:: Dataset entries ::

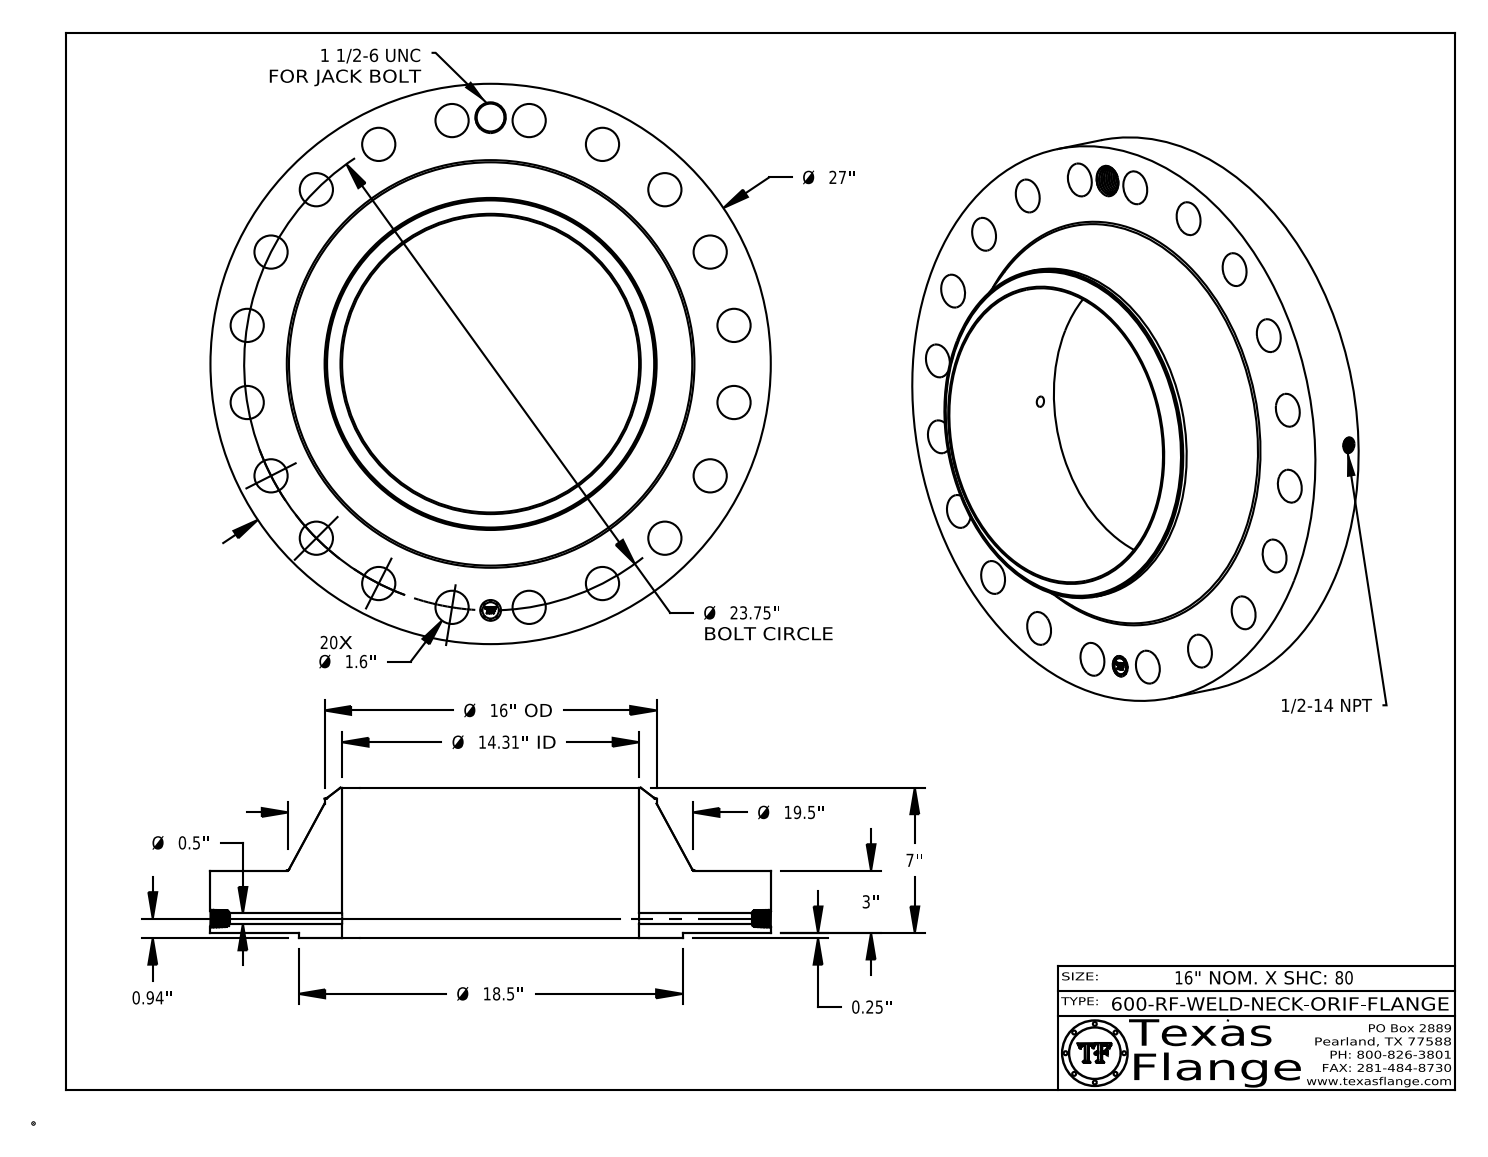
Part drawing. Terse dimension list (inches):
name: 600-RF-WELD-NECK
written by: CATIA V5 STEP AP214 (AUTOMOTIVE_DESIGN)
unit: in
bodies: 1 solid, 815 faces (369 planar, 124 cylindrical, 322 other)
size: 27 × 27 × 7.25
volume: 1 436 in³; area: 1 805 in²
holes: 20× ⌀1.6, 1× ⌀0.5, 1× ⌀0.672, 1× ⌀1, 1× ⌀1.344, 1× ⌀14.312
bosses: 8× ⌀0.061, 1× ⌀27, 1× ⌀18.5, 1× ⌀16, 1× ⌀0.788
face distances: 3, 0.25, 3.25, 7.25, 7, 4, 0.015, 3.235, 2.985, 4.015
hole spacings: 11.875, 16.794, 22.587, 23.457, 3.715, 13.96, 19.214, 7.339

:::

**Work item:** Transcribe every entry above exactly. Omit all pictures.

**Output for this exercise:**
Part drawing. Terse dimension list (inches):
name: 600-RF-WELD-NECK
written by: CATIA V5 STEP AP214 (AUTOMOTIVE_DESIGN)
unit: in
bodies: 1 solid, 815 faces (369 planar, 124 cylindrical, 322 other)
size: 27 × 27 × 7.25
volume: 1 436 in³; area: 1 805 in²
holes: 20× ⌀1.6, 1× ⌀0.5, 1× ⌀0.672, 1× ⌀1, 1× ⌀1.344, 1× ⌀14.312
bosses: 8× ⌀0.061, 1× ⌀27, 1× ⌀18.5, 1× ⌀16, 1× ⌀0.788
face distances: 3, 0.25, 3.25, 7.25, 7, 4, 0.015, 3.235, 2.985, 4.015
hole spacings: 11.875, 16.794, 22.587, 23.457, 3.715, 13.96, 19.214, 7.339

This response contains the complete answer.